Энн и Гилберт проводили много осенних вечеров на маяке. Там всегда было весело, даже когда восточный ветер затягивал свои печальные песни, а море казалось мертвым, серым, а в небесах еле угадывался насмешливый намек на солнце. Может быть, поэтому Фест Мэйт так гордился своими золотыми доспехами. Он был таким огромным и лучезарно рыжим, что никогда не скучал по солнцу. Его мурлыканье всегда гармонично сочеталось со смехом, сопровождающим разговоры, ведшиеся у камина капитана Джима. Капитан и Гилберт часто дискутировали на темы, не доступные пониманию как котов, так и королей.

– Я люблю размышлять над разными проблемами, думая, что я могу решить их, – сказал капитан Джим. – Мой отец придерживался мнения, что не следует говорить о вещах, которых мы не понимаем. Но если бы мы следовали его советам, то нам осталось бы очень мало тем для разговоров. Думаю, боги часто смеются, слушая наши беседы, но нам-то что за дело до этого, пока мы помним, что сами просто люди, и мним себя богами, знающими, где добро, а где зло.
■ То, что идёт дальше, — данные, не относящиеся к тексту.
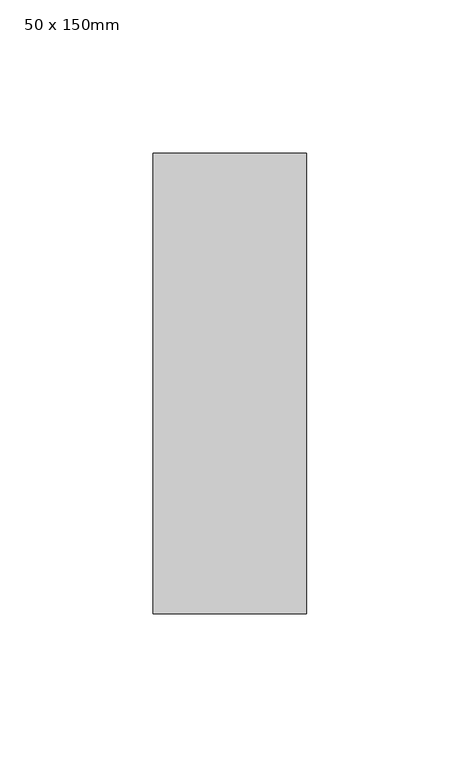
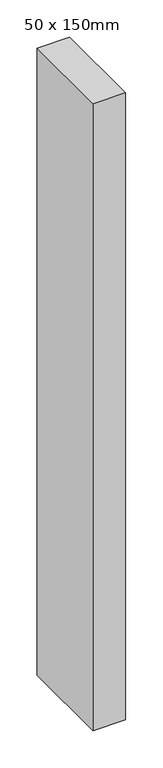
"""IFC4 building model written with IfcOpenShell, lengths in millimetres: member geometry, Прямоугольный импост : 50 x 150mm."""

from ifc_helpers import new_model, si_unit, frame, origin, place, context, project, spatial, polyline, outline, extrude, source, transform, mapped, element, save


def member_50_x_150mm_a65b6ca2(model_context):
    return source(origin(), model_context, "Body", "SweptSolid", [
        extrude(outline(polyline([(0.0, 75.0), (0.0, -75.0), (-50.0, -75.0), (-50.0, 75.0), (0.0, 75.0)])), frame((0.0, 0.0, -1025.0), z_axis=(0.0, 0.0, 1.0), x_axis=(1.0, 0.0, 0.0)), (0.0, 0.0, 1.0), 1025.0),
    ])


if __name__ == "__main__":
    model = new_model("IFC4")
    model_context = context("Model", 3, world=origin())
    ifc_project = project(units=[si_unit("LENGTHUNIT", "METRE", prefix="MILLI")], contexts=[model_context])
    site = spatial("IfcSite", under=ifc_project)
    building = spatial("IfcBuilding", under=site)
    placement = place(None, origin())
    member_50_x_150mm_shape = member_50_x_150mm_a65b6ca2(model_context)
    element("IfcMember", 1, ObjectType="Прямоугольный импост : 50 x 150mm", at=placement, inside=building, context=model_context, shape_type="MappedRepresentation", body=[
        mapped(member_50_x_150mm_shape, transform((0.0, 0.0, 0.0), x_axis=(1.0, 0.0, 0.0), y_axis=(0.0, 1.0, 0.0), z_axis=(0.0, 0.0, 1.0))),
    ])
    save(model, "model.ifc")
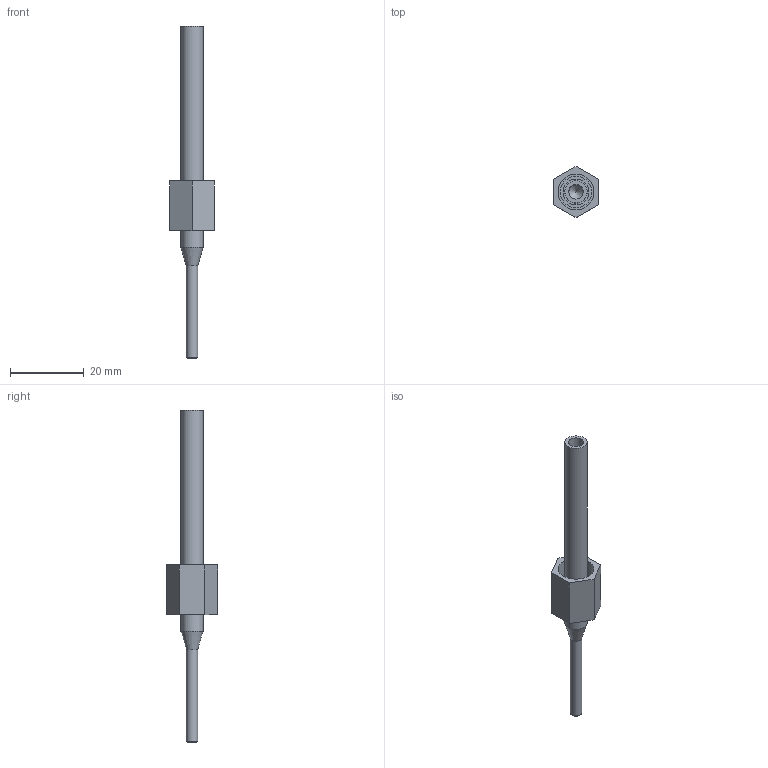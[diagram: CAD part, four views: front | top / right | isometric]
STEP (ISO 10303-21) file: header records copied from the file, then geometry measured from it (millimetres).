
FILE_DESCRIPTION( ( 'Unknown' ), '1' );
FILE_NAME( 'F:/U_Proces/dokumentation new/Mechanical parts/7000 3D Step filer/7000-/7000201/8155-33.0100.stp', 'Unknown', ( 'Unknown' ), ( 'Unknown' ), 'PSStep 13.0', 'Unknown', ' ' );
FILE_SCHEMA( ( 'AUTOMOTIVE_DESIGN { 1 0 10303 214 1 1 1 1 }' ) );
Length unit declared in the file: millimetre
Products named in the file (1): 2141103
Bounding box: 12 x 13.86 x 90 mm (x, y, z)
Surface area: 3709.8 mm2 (no closed solid volume)
Topology: 0 solids, 35 shells, 35 faces, 114 edges, 94 vertices
Faces by surface type: plane 15, cylinder 12, cone 6, torus 1, bspline 1
Full cylindrical faces by diameter (mm): 2.25 x1, 3.1 x1, 3.8 x2, 4 x1, 6 x2, 6.1 x1, 7 x1, 7.2 x1, 8.5 x1, 9.728 x1
Entity records: 1413 total; most frequent: CARTESIAN_POINT 239, DIRECTION 210, ORIENTED_EDGE 88, EDGE_CURVE 88, VERTEX_POINT 88, AXIS2_PLACEMENT_3D 87, FACE_BOUND 60, EDGE_LOOP 60

Я думаю, наши «семинары» не причинят никому зла, в том числе и нам самим. Так что, доктор, давайте сегодня вечером наговоримся вдоволь.

Пока они «наговаривались», Энн слушала их или мечтала. Иногда вместе с Энн и Гилбертом на маяк приходила Лесли, и тогда она и Энн прогуливались вдоль берега, мрачно освещенного огнями маяка. Иногда они садились на скалы чуть пониже маяка и сидели так, пока темнота не загоняла их обратно в дом, где горели трескучие поленья. А капитан Джим начинал новое повествование. Он рассказывал о странах и морях, о торговых и пиратских кораблях. И они тут же забывали обо всем.

Лесли, казалось, нравились все эти кутежи на маяке, она просто расцветала. В комнате раздавался ее красивый смех и радость выражалась в сиянии ее глаз. Разговоры приобретали особую прелесть, новое звучание, когда рядом была Лесли, и обесцвечивались, когда она отсутствовала. Даже когда она молчала, ее очарование влияло на окружающих. Капитан Джим лучше рассказывал свои истории, Гилберт быстрее находил нужный аргумент или остроумный ответ. Под влиянием личности Лесли не оскудевал поток фантазий Энн.

– Эта девочка рождена, чтобы быть лидером в общественной жизни и науке далеко от Четырех Ветров, – сказала Гилберту Энн как-то раз поздним вечером, когда они возвращались домой. – Здесь она только зря теряет время.

– Разве ты вчера не слушала нашу дискуссию с капитаном Джимом? – возразил жене Гилберт. – После долгого спора мы пришли к заключению, что Создатель знает, что делает, не хуже, чем мы. И не существует «потерянных зря» жизней, исключая тех, кто намеренно себя губит. Лесли к ним не относится. И кое-кто может подумать, что ты тратишь свою жизнь на какого-то там докторишку из сельской местности.

– Гилберт!

– Если бы ты вышла замуж за Роя Гардена, – продолжал Гилберт, – ты могла бы быть «лидером в общественной жизни и науке» далеко от Четырех Ветров.

– Гилберт Блайз!

– Но ты же была влюблена в него, Энн!

– Гилберт, я никогда его не любила. Мне это только казалось. И ты это знаешь. Ты знаешь, что я предпочитаю быть твоей женой и жить в нашем «доме мечты», чем быть королевой во дворце.

Гилберт не ответил, но, вероятно, они забыли о бедной Лесли, что проводила свою жизнь в доме, который не был ни дворцом, ни «домом мечты».

Над темным печальным морем взошла луна и преобразила его. Ее свет еще не достиг гавани, дальняя сторона которой была покрыта тенями, унынием и едва мерцающими огнями домов.

– Как светятся в темноте дома! – сказала Энн. – Их огни над гаванью выглядят как ожерелье. А какой блеск я вижу чуть подальше! Гилберт, да это же наш дом! Я так рада, что мы оставили свет зажженным. Я не люблю возвращаться в темный дом. Это свет нашего дома, Гилберт! Какое счастье его видеть!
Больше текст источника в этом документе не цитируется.